Poland invasion. The kick -off of World War II

Not a year since the infamous Munich agreement when the German army marched over Poland. Two days later, on September 3, 1939, British and French declared war to Germany, kicking off World War II. After a decade of misunderstanding-a transverse feature of almost all the great leaders of history-it was proved that Churchill was, after all, right. The defeat of the Polacos was just over a month later, and was also attacked in the eastern flank by the Soviets, with whom the Nazis had already celebrated a non-aggression pact. The first big step of the campaign was taken to total domination and the Lebensraum intended by Hitler.

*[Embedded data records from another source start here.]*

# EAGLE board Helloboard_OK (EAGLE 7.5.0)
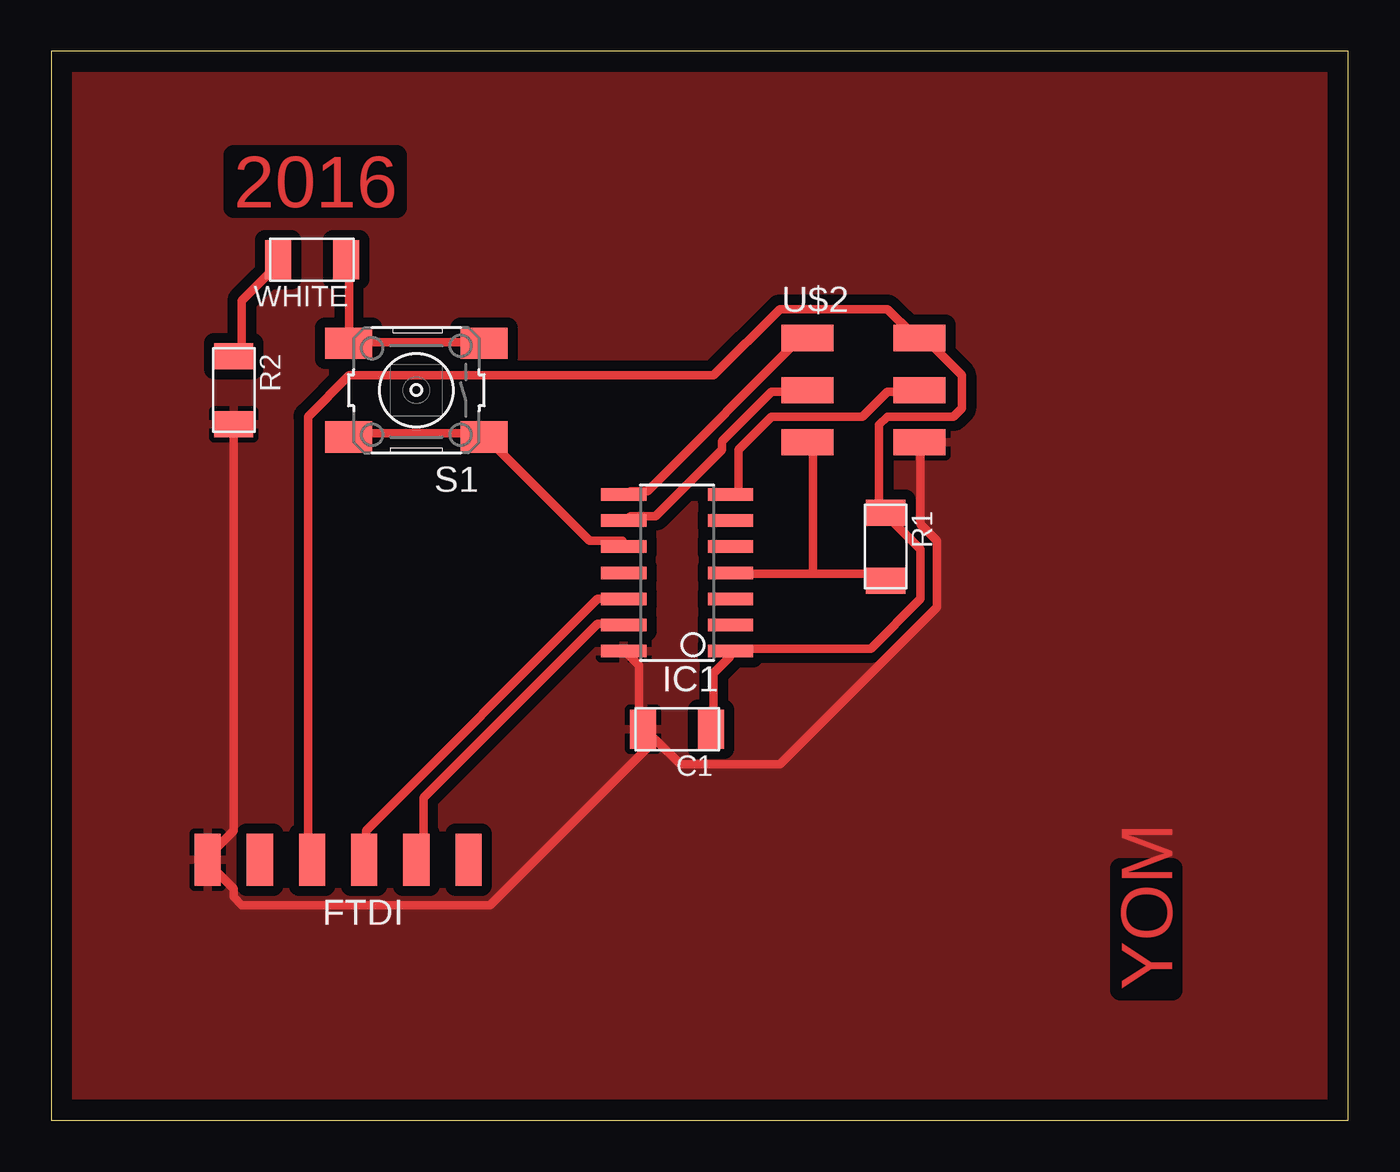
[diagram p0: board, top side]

Size 63.17 x 52.06 mm. Coordinates in mm from the lower left corner, seen from the top.
Outline: 0,0 63.17,0 63.17,52.06 0,52.06 0,0
Copper layers (1*16): Top 0.035mm / dielectric 1.5mm / Bottom 0.035mm
Design rules "default *": minimum track width 16mil, minimum drill 24mil, track to track 0.4mm, track to pad 0.4mm, pad to pad 0.4mm, via to via 0.4mm, smd to smd 8mil, copper to edge 40mil, drill to drill 8mil, minimum pad ring 10mil, minimum via ring 8mil, stop-mask expansion 4mil, vias tented up to drill 0mil, thermal gap 10mil

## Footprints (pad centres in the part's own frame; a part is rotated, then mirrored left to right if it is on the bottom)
C1206FAB = smd 1.27 x 1.905: 1 -1.651,0; 2 1.651,0
1X06SMD = smd 2.54 x 1.27: 1 0,6.35; 2 0,3.81; 3 0,1.27; 4 0,-1.27; 5 0,-3.81; 6 0,-6.35
SOIC14 = smd 0.61 x 2.21: 1 -3.81,-2.603; 2 -2.54,-2.603; 3 -1.27,-2.603; 4 0,-2.603; 5 1.27,-2.603; 6 2.54,-2.603; 7 3.81,-2.603; 8 3.81,2.603; 9 2.54,2.603; 10 1.27,2.603; 11 0,2.603; 12 -1.27,2.603; 13 -2.54,2.603; 14 -3.81,2.603
R1206FAB = smd 1.27 x 1.905: 1 -1.651,0; 2 1.651,0
6MM_SWITCH = smd 2.286 x 1.524: 1 -3.302,2.286; 2 3.302,2.286; 3 -3.302,-2.286; 4 3.302,-2.286
2X03SMD = smd 2.54 x 1.27: 1 -2.54,2.54; 2 2.92,2.54; 3 -2.54,0; 4 2.92,0; 5 -2.54,-2.54; 6 2.92,-2.54
LED1206FAB = smd 1.27 x 1.905: 1 -1.651,0; 2 1.651,0

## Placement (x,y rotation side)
C1  1uF  [C1206FAB]  30.48,19.05 180 top
FTDI  FTDI-SMD-HEADER  [1X06SMD]  13.97,12.7 90 top
IC1  ATTINY44-SSU  [SOIC14]  30.48,26.67 90 top
R1  10k  [R1206FAB]  40.64,27.94 270 top
R2  50ohm  [R1206FAB]  8.89,35.56 270 top
S1  5V  [6MM_SWITCH]  17.78,35.56 180 top
U$2  AVRISPSMD  [2X03SMD]  39.37,35.56 0 top
WHITE  LEDFAB1206  [LED1206FAB]  12.7,41.91 180 top

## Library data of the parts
C1 FTDI IC1 R1 S1 U$2 WHITE = fab
R2 = fab; R2: 50OHM

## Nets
GND: C1.2 FTDI.1 IC1.14 R2.2 U$2.6
LED: IC1.10 S1.1 S1.2
MISO: IC1.8 U$2.1
MOSI: IC1.7 U$2.4
N$1: R2.1 WHITE.2
N$2: S1.3 S1.4 WHITE.1
RST: IC1.4 R1.2 U$2.5
RX: FTDI.5 IC1.13
SCK: IC1.9 U$2.3
TX: FTDI.4 IC1.12
VCC: C1.1 FTDI.3 IC1.1 R1.1 U$2.2
XTAL1: IC1.2
XTAL2: IC1.3

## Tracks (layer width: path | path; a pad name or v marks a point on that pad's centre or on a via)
GND
  Top 0.406: R2.2 8.87,33.87 8.87,14.11 7.66,12.9 FTDI.1 7.66,12.5 8.87,11.29 8.87,10.89 9.27,10.48 21.37,10.48 29.43,18.55 | C1.2 28.63,19.35 28.63,22.18 28.22,22.58 IC1.14 | 29.43,18.55 29.03,18.95 C1.2 | 29.43,18.55 30.64,17.34 35.48,17.34 43.14,25 43.14,28.22 42.34,29.03 42.34,32.66 U$2.6 | 29.43,18.55 C1.2
  pour Top (isolate 0.5): -3.81,54.61 67.31,54.61 67.31,-3.81 -3.81,-3.81
LED
  Top 0.406: IC1.10 27.82,28.22 26.21,28.22 21.37,33.06 S1.1 20.97,33.47 14.52,33.47 S1.2
MISO
  Top 0.406: IC1.8 28.22,30.64 29.03,30.64 36.69,38.3 U$2.1
MOSI
  Top 0.406: IC1.7 33.47,30.64 33.47,32.66 35.08,34.27 39.51,34.27 40.72,35.48 41.93,35.48 U$2.4
N$1
  Top 0.406: R2.1 9.27,37.5 9.27,39.92 10.89,41.53 WHITE.2
N$2
  Top 0.406: 14.52,37.9 14.52,41.53 WHITE.1 | 14.52,37.9 20.97,37.9 S1.3 | 14.52,37.9 S1.4
RST
  Top 0.406: 37.09,26.61 33.47,26.61 IC1.4 | 37.09,26.61 40.32,26.61 R1.2 | 37.09,26.61 37.09,32.66 U$2.5
RX
  Top 0.406: IC1.13 27.82,24.19 26.61,24.19 18.14,15.72 18.14,12.9 FTDI.5
SCK
  Top 0.406: IC1.9 28.22,29.43 29.43,29.43 32.66,32.66 32.66,33.06 35.08,35.48 36.69,35.48 U$2.3
TX
  Top 0.406: IC1.12 27.82,25.4 26.61,25.4 15.32,14.11 15.32,12.9 FTDI.4
VCC
  Top 0.406: C1.1 32.26,19.35 32.26,21.77 33.06,22.58 IC1.1 33.47,22.98 39.92,22.98 42.34,25.4 42.34,27.82 40.72,29.43 R1.1 40.32,29.84 40.32,33.87 40.72,34.27 43.95,34.27 44.35,34.67 44.35,36.29 42.34,38.3 U$2.2 41.93,38.3 40.72,39.51 35.48,39.51 32.26,36.29 14.52,36.29 12.5,34.27 12.5,12.9 FTDI.3

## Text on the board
Top: 2016 | YOM
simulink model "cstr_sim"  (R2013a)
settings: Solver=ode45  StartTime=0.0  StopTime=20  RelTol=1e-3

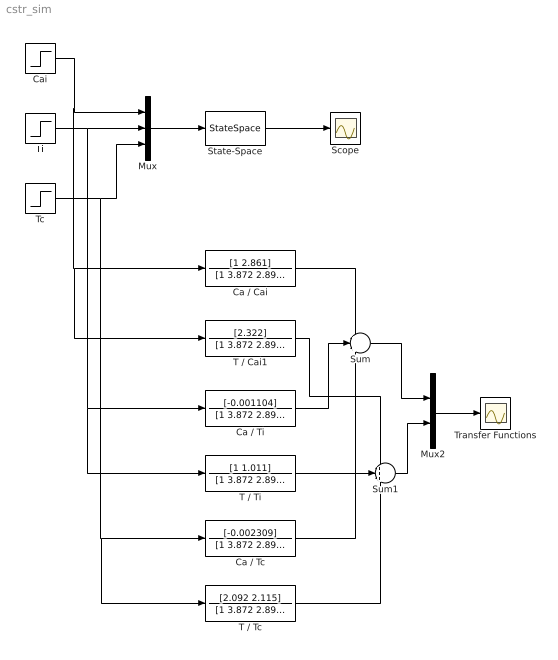
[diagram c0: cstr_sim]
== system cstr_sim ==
  Ca / Cai : TransferFcn  Numerator=[1 2.861]  Denominator=[1 3.872 2.895]
  Ca / Tc : TransferFcn  Numerator=[-0.002309]  Denominator=[1 3.872 2.895]
  Ca / Ti : TransferFcn  Numerator=[-0.001104]  Denominator=[1 3.872 2.895]
  Cai : Step  SampleTime=0
  Mux : Mux  Inputs=3
  Mux2 : Mux  Inputs=2
  Scope : Scope
  State-Space : StateSpace  A="[-1.011  -0.001104; 2.322     -2.861]"  B="[1 0 0; 0 1  2.092]"  C=[1 0; 0 1]  D=[0 0 0; 0 0 0]
  Sum : Sum  Inputs=+++
  Sum1 : Sum  Inputs=+++
  T / Cai1 : TransferFcn  Numerator=[2.322]  Denominator=[1 3.872 2.895]
  T / Tc : TransferFcn  Numerator=[2.092 2.115]  Denominator=[1 3.872 2.895]
  T / Ti : TransferFcn  Numerator=[1 1.011]  Denominator=[1 3.872 2.895]
  Tc : Step  Time=10  SampleTime=0
  Ti : Step  Time=5  SampleTime=0
  Transfer Functions : Scope
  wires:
  Cai/1 -> Mux/1, T / Cai1/1, Ca / Cai/1
  Ti/1 -> T / Ti/1, Ca / Ti/1, Mux/2
  Tc/1 -> T / Tc/1, Ca / Tc/1, Mux/3
  Mux/1 -> State-Space/1
  State-Space/1 -> Scope/1
  Ca / Cai/1 -> Sum/1
  Ca / Ti/1 -> Sum/2
  Ca / Tc/1 -> Sum/3
  T / Cai1/1 -> Sum1/1
  T / Ti/1 -> Sum1/2
  T / Tc/1 -> Sum1/3
  Sum1/1 -> Mux2/2
  Sum/1 -> Mux2/1
  Mux2/1 -> Transfer Functions/1

The end. Drowned by paranoia and defeats, Hitler suicides

Paranoia was wearing Hitler during the war and in 1944 a strong axed in the state of health was given führer. Claus von stauffenberg, the main face of a conspiracy to assassinate Hitler, took a suitcase with explosives for a restricted meeting at the barracks Wolfsschanze (Wolf’s Tante). The goal was not met, but the explosion weakened the Nazi leader. “The most serious effects (…) were psychological and Hitler’s paranoia became much worse,” Owens wrote in the work In power and disease. It eventually committed suicide in his bunker, which was under the former Chancellery of Reich, on a day like today, 80 years ago.